A Fast Scale-Invariant Algorithm for Non-negative Least Squares with Non-negative Data

TL;DR

This paper introduces a fast, scale-invariant algorithm for non-negative least squares problems with non-negative data, achieving multiplicative error solutions with complexity independent of data matrix constants.

Contribution

The paper presents a novel accelerated primal-dual algorithm that solves non-negative least squares with non-negative data efficiently and with convergence guarantees, unlike traditional methods.

Findings

Algorithm achieves multiplicative error with complexity independent of matrix constants.

Proven linear convergence using adaptive restart techniques.
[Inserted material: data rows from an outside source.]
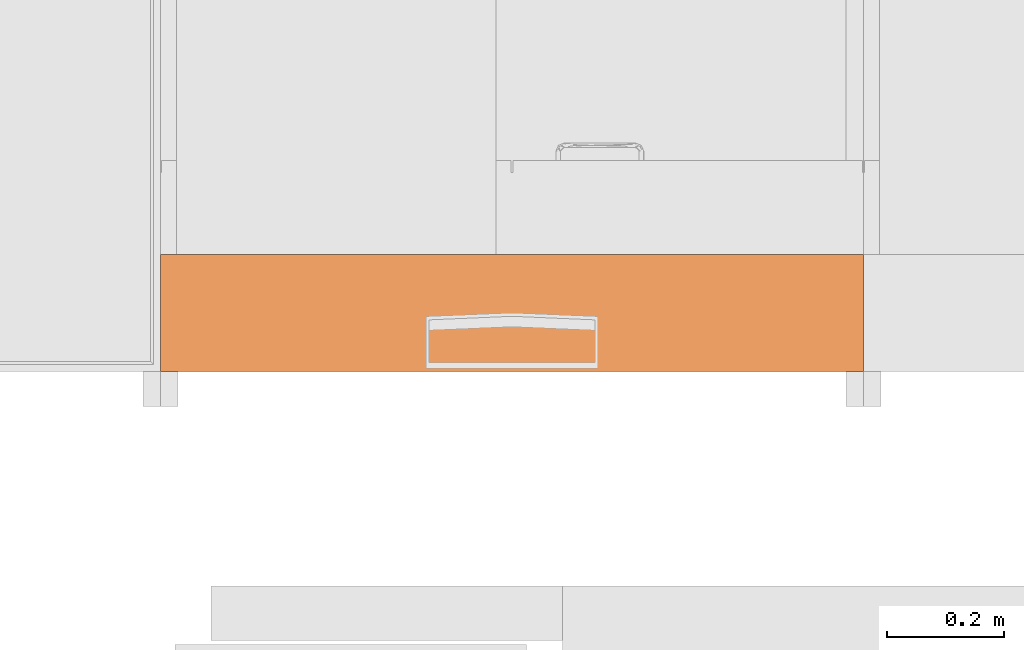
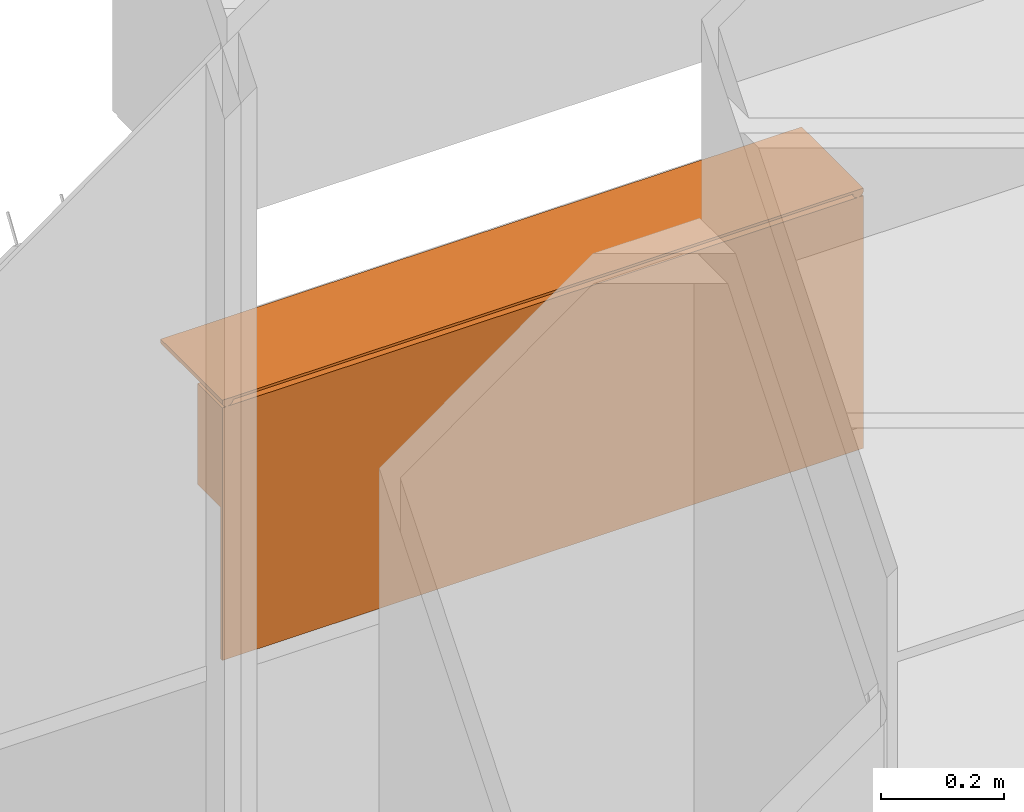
# One storey, part 5 of 32: 1 proxy.
"""IFC2X3 building model written with IfcOpenShell, lengths in metres."""

from ifc_helpers import new_model, entity, si_unit, converted_unit, derived_unit, direction, frame, frame_2d, origin, origin_2d_with_axis, place, context, subcontext, project, spatial, polyline, circle_curve, parameter, trimmed, segment, composite_curve, rectangle, outline, extrude, source, transform, mapped, material, material_list, type_object, type_shapes, element, save


model = new_model("IFC2X3")

# Units and contexts
model_context = context("Model", 3, precision=1e-05, world=origin(), true_north=direction((6.12303176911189e-17, 1.0)))
body_context = subcontext(model_context, "Body", "Model", "MODEL_VIEW")
ifc_project = project(units=[si_unit("LENGTHUNIT", "METRE"), si_unit("AREAUNIT", "SQUARE_METRE"), si_unit("VOLUMEUNIT", "CUBIC_METRE"), converted_unit("PLANEANGLEUNIT", "DEGREE", entity("IfcRatioMeasure", 0.0174532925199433), si_unit("PLANEANGLEUNIT", "RADIAN"), dimensions=[0, 0, 0, 0, 0, 0, 0]), si_unit("MASSUNIT", "GRAM", prefix="KILO"), derived_unit("MASSDENSITYUNIT", [(si_unit("MASSUNIT", "GRAM", prefix="KILO"), 1), (si_unit("LENGTHUNIT", "METRE"), -3)]), derived_unit("MOMENTOFINERTIAUNIT", [(si_unit("LENGTHUNIT", "METRE"), 4)]), si_unit("TIMEUNIT", "SECOND"), si_unit("FREQUENCYUNIT", "HERTZ"), si_unit("THERMODYNAMICTEMPERATUREUNIT", "DEGREE_CELSIUS"), derived_unit("THERMALTRANSMITTANCEUNIT", [(si_unit("MASSUNIT", "GRAM", prefix="KILO"), 1), (si_unit("THERMODYNAMICTEMPERATUREUNIT", "KELVIN"), -1), (si_unit("TIMEUNIT", "SECOND"), -3)]), derived_unit("VOLUMETRICFLOWRATEUNIT", [(si_unit("LENGTHUNIT", "METRE"), 3), (si_unit("TIMEUNIT", "SECOND"), -1)]), si_unit("ELECTRICCURRENTUNIT", "AMPERE"), si_unit("ELECTRICVOLTAGEUNIT", "VOLT"), si_unit("POWERUNIT", "WATT"), si_unit("FORCEUNIT", "NEWTON", prefix="KILO"), si_unit("ILLUMINANCEUNIT", "LUX"), si_unit("LUMINOUSFLUXUNIT", "LUMEN"), si_unit("LUMINOUSINTENSITYUNIT", "CANDELA"), derived_unit("USERDEFINED", [(si_unit("MASSUNIT", "GRAM", prefix="KILO"), -1), (si_unit("LENGTHUNIT", "METRE"), -2), (si_unit("TIMEUNIT", "SECOND"), 3), (si_unit("LUMINOUSFLUXUNIT", "LUMEN"), 1)]), derived_unit("LINEARVELOCITYUNIT", [(si_unit("LENGTHUNIT", "METRE"), 1), (si_unit("TIMEUNIT", "SECOND"), -1)]), si_unit("PRESSUREUNIT", "PASCAL"), derived_unit("USERDEFINED", [(si_unit("LENGTHUNIT", "METRE"), -2), (si_unit("MASSUNIT", "GRAM", prefix="KILO"), 1), (si_unit("TIMEUNIT", "SECOND"), -2)]), derived_unit("LINEARFORCEUNIT", [(si_unit("MASSUNIT", "GRAM", prefix="KILO"), 1), (si_unit("LENGTHUNIT", "METRE"), 1), (si_unit("TIMEUNIT", "SECOND"), -2), (si_unit("LENGTHUNIT", "METRE"), -1)]), derived_unit("PLANARFORCEUNIT", [(si_unit("MASSUNIT", "GRAM", prefix="KILO"), 1), (si_unit("LENGTHUNIT", "METRE"), 1), (si_unit("TIMEUNIT", "SECOND"), -2), (si_unit("LENGTHUNIT", "METRE"), -2)])], contexts=[model_context])

# Site, building, storey
site_placement = place(None, origin())
site = spatial("IfcSite", under=ifc_project, at=site_placement, Name="Default", CompositionType="ELEMENT")
building_placement = place(site_placement, origin())
building = spatial("IfcBuilding", under=site, at=building_placement, CompositionType="ELEMENT")
storey_placement = place(building_placement, origin())
storey = spatial("IfcBuildingStorey", under=building, at=storey_placement, Name="00 EG", CompositionType="ELEMENT", Elevation=0.0)

# Proxy
ifc_material_1 = material(Name="dh_Weiß")
ifc_material_2 = material(Name="dh_Glas WHS")
ifc_material_3 = material(Name="dh_Blau")
ifc_material_list_1 = material_list([ifc_material_1, ifc_material_2, ifc_material_3])
ifc_material_list_2 = material_list([ifc_material_2, ifc_material_3, ifc_material_1])
building_element_proxy_type = type_object("IfcBuildingElementProxyType", Name="dh_Medienwand WHA:120 Stehtisch", PredefinedType="NOTDEFINED", material=ifc_material_list_2)
shared_shape = source(origin(), body_context, "Body", "SweptSolid", [
    extrude(outline(composite_curve([segment(trimmed(circle_curve(frame_2d((0.0, 0.0), x_axis=(-1.0, 0.0)), 0.01), [parameter(0.0)], [parameter(180.0)], True, "PARAMETER"), True, "CONTINUOUS"), segment(polyline([(0.01, 0.0), (-0.01, 0.0)]), True, "CONTINUOUS")], self_intersect=False)), frame((-0.589999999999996, 0.1, 1.40999999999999), z_axis=(0.0, -1.0, 0.0), x_axis=(1.0, 0.0, 0.0)), (0.0, 0.0, -1.0), 0.2),
    extrude(outline(composite_curve([segment(trimmed(circle_curve(origin_2d_with_axis(), 0.00999999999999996), [parameter(0.0)], [parameter(180.0)], True, "PARAMETER"), True, "CONTINUOUS"), segment(polyline([(-0.0099999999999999, 0.0), (0.0099999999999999, 0.0)]), True, "CONTINUOUS")], self_intersect=False)), frame((0.590000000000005, 0.1, 1.40999999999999), z_axis=(0.0, 1.0, 0.0), x_axis=(1.0, 0.0, 0.0)), (0.0, 0.0, 1.0), 0.2),
    extrude(rectangle(XDim=1.2, YDim=0.2, at=origin_2d_with_axis()), frame((0.0, 0.2, 1.40999999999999), z_axis=(0.0, 0.0, 1.0), x_axis=(-1.0, 0.0, 0.0)), (0.0, 0.0, 1.0), 0.00499999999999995),
    extrude(rectangle(XDim=0.00500000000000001, YDim=1.2, at=frame_2d((-3.38271077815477e-17, 0.0), x_axis=(1.0, 0.0))), frame((0.0, 0.2975, 0.900000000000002), z_axis=(0.0, 0.0, 1.0), x_axis=(0.0, 1.0, 0.0)), (0.0, 0.0, 1.0), 0.299999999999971),
    extrude(rectangle(XDim=1.2, YDim=0.08, at=frame_2d((0.0, 3.46944695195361e-17), x_axis=(1.0, 0.0))), frame((0.0, 0.26, 1.20000000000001), z_axis=(0.0, 0.0, 1.0), x_axis=(-1.0, 0.0, 0.0)), (0.0, 0.0, 1.0), 0.199999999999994),
])
type_shapes(building_element_proxy_type, [shared_shape])
proxy_placement = place(storey_placement, frame((12.5499999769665, 10.5100000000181, 0.0), z_axis=(0.0, 0.0, 1.0), x_axis=(-1.0, 0.0, 0.0)))
element("IfcBuildingElementProxy", 1, at=proxy_placement, inside=storey, type_object=building_element_proxy_type, material=ifc_material_list_1, Name="dh_Medienwand WHA:120 Stehtisch", ObjectType="dh_Medienwand WHA:120 Stehtisch", context=body_context, shape_type="MappedRepresentation", body=[
    mapped(shared_shape, transform((0.0, 0.0, 0.0), scale=1.0)),
])

save(model, "model.ifc")

Demonstrated effectiveness on large-scale datasets through experiments.

Abstract

Nonnegative (linear) least square problems are a fundamental class of problems that is well-studied in statistical learning and for which solvers have been implemented in many of the standard programming languages used within the machine learning community. The existing off-the-shelf solvers view the non-negativity constraint in these problems as an obstacle and, compared to unconstrained least squares, perform additional effort to address it. However, in many of the typical applications, the data itself is nonnegative as well, and we show that the nonnegativity in this case makes the problem easier. In particular, while the oracle complexity of unconstrained least squares problems necessarily scales with one of the data matrix constants (typically the spectral norm) and these problems are solved to additive error, we show that nonnegative least squares problems with nonnegative data are solvable to multiplicative error and with complexity that is independent of any matrix constants. The algorithm we introduce is accelerated and based on a primal-dual perspective. We further show how to provably obtain linear convergence using adaptive restart coupled with our method and demonstrate its effectiveness on large-scale data via numerical experiments.